La sexualité des personnes hébergées en établissements est encore un sujet tabou, mais les nombreuses formations qui existent pour sensibiliser les soignants en démontrent l’importance. Les manifestations de la sexualité sont différentes entre elles. Elles vont du regard à l’acte sexuel le plus abouti.

 

Ces manifestations des personnes en institution (relation de couple hétérosexuelle ou homosexuelle, masturbation) posent souvent problème à leur entourage et au personnel soignant. Or : « La sexualité et la tendresse peuvent contribuer, jusqu’à un âge avancé, à satisfaire les besoins de contact physique, de complicité et d’intimité. De plus, la sexualité peut être une précieuse source de bien-être physique et psychique ». (1)

 

Les personnes âgées ont-elles des besoins sexuels ?

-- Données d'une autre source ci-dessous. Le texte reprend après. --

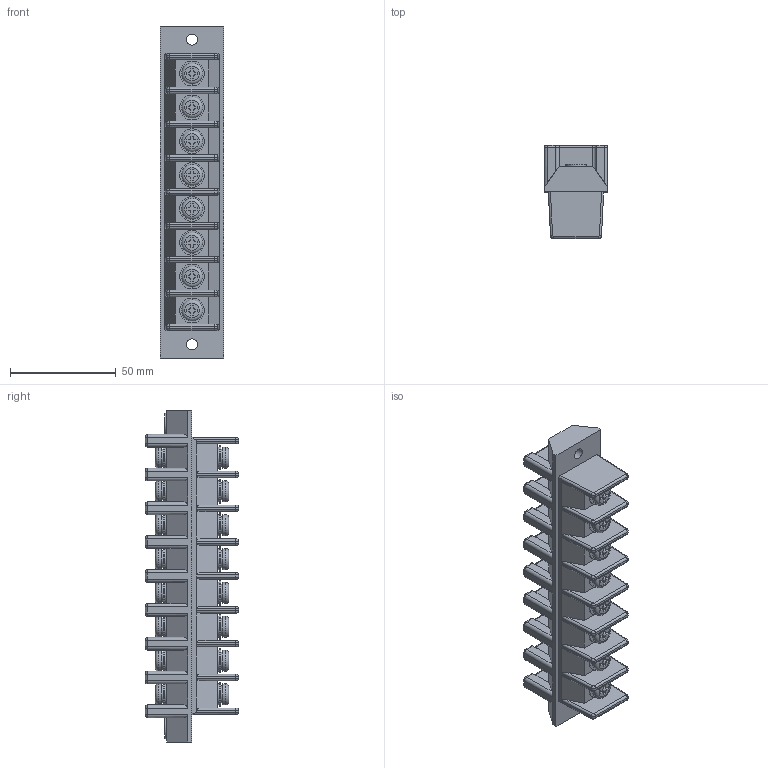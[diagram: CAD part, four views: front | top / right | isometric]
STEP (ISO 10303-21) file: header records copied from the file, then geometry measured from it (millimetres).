
FILE_DESCRIPTION(/* description */ ('Alibre Inc.'),/* implementation_level */ '2;1');
FILE_NAME(/* name */ 'export-392D6839-BC8A-4D5F-929B-1E7E13A7931D',/* time_stamp */ '2025-02-21T13:26:40+09:00',/* author */ (''),/* organization */ (''),/* preprocessor_version */ 'ST-DEVELOPER v17',/* originating_system */ 'Alibre',/* authorisation */ '');
FILE_SCHEMA (('CONFIG_CONTROL_DESIGN'));
Length unit declared in the file: millimetre
Bounding box: 30 x 44 x 157 mm (x, y, z)
Volume: 106540 mm3; surface area: 36123.7 mm2
Topology: 1 solids, 25 shells, 1051 faces, 2424 edges, 1506 vertices
Faces by surface type: plane 491, cylinder 404, torus 124, cone 32
Full cylindrical faces by diameter (mm): 4.4 x16, 4.6 x16, 5 x24, 5.2 x2, 8 x16, 9.9 x18, 10 x16, 11.7 x16
Entity records: 27738 total; most frequent: CARTESIAN_POINT 5069, ORIENTED_EDGE 4468, DIRECTION 4413, EDGE_CURVE 2234, AXIS2_PLACEMENT_3D 1873, VERTEX_POINT 1488, EDGE_LOOP 1342, FACE_BOUND 1342

Plusieurs études le démontrent : les besoins sexuels ne disparaissent pas au fil des ans. Ils diminuent en intensité ou en fréquence, mais peuvent s’exprimer à tout âge… même très avancé. La sexualité est une pulsion vitale. De plus, chez les personnes âgées, le contact avec la peau est très important. Toucher la main, caresser une personne âgée provoque chez elle une réaction de bien-être. Mais cela ne signifie pas toujours une relation sexuelle au sens d’un rapport sexuel.


Selon une étude (2) réalisée sur 202 personnes âgées de 80 à 102 ans et dont l’âge moyen était de 86 ans : 82 % des hommes et 64 % des femmes avaient des rapports de tendresse ; 72 % des hommes et 40 % femmes se masturbaient et 63 % des hommes et 30 % des femmes avaient des rapports sexuels.

 

Par ailleurs, ce besoin relationnel fait entrevoir des phénomènes nouveaux. Compte tenu du nombre croissant de femmes seules vieillissantes, celles-ci osent afficher une relation sexuelle entre elles, sans être à proprement parler des homosexuelles. Par ailleurs, quelquefois des liens se tissent en dehors du couple quand un des deux connaît des défaillances, par exemple lors d’une maladie de type Alzheimer.

 

 

(1). Gérard le Goués, Psychanalyste, Hôpital Rotchild, Paris : Le travail du vieillir. In : Veysset Puijalin B, Savier L. Être vieux : de la négation à l’échange. Éditions Autrement 1991, collection Mutations n° 124 : 146-152.

(2). Etude de JG Bretschneider et NL McCoy, 1988 : Sexual interest and behaviour in healthy 80- to 102-year-olds. Arch Sex Behav 1988 ; 17 : 109-129.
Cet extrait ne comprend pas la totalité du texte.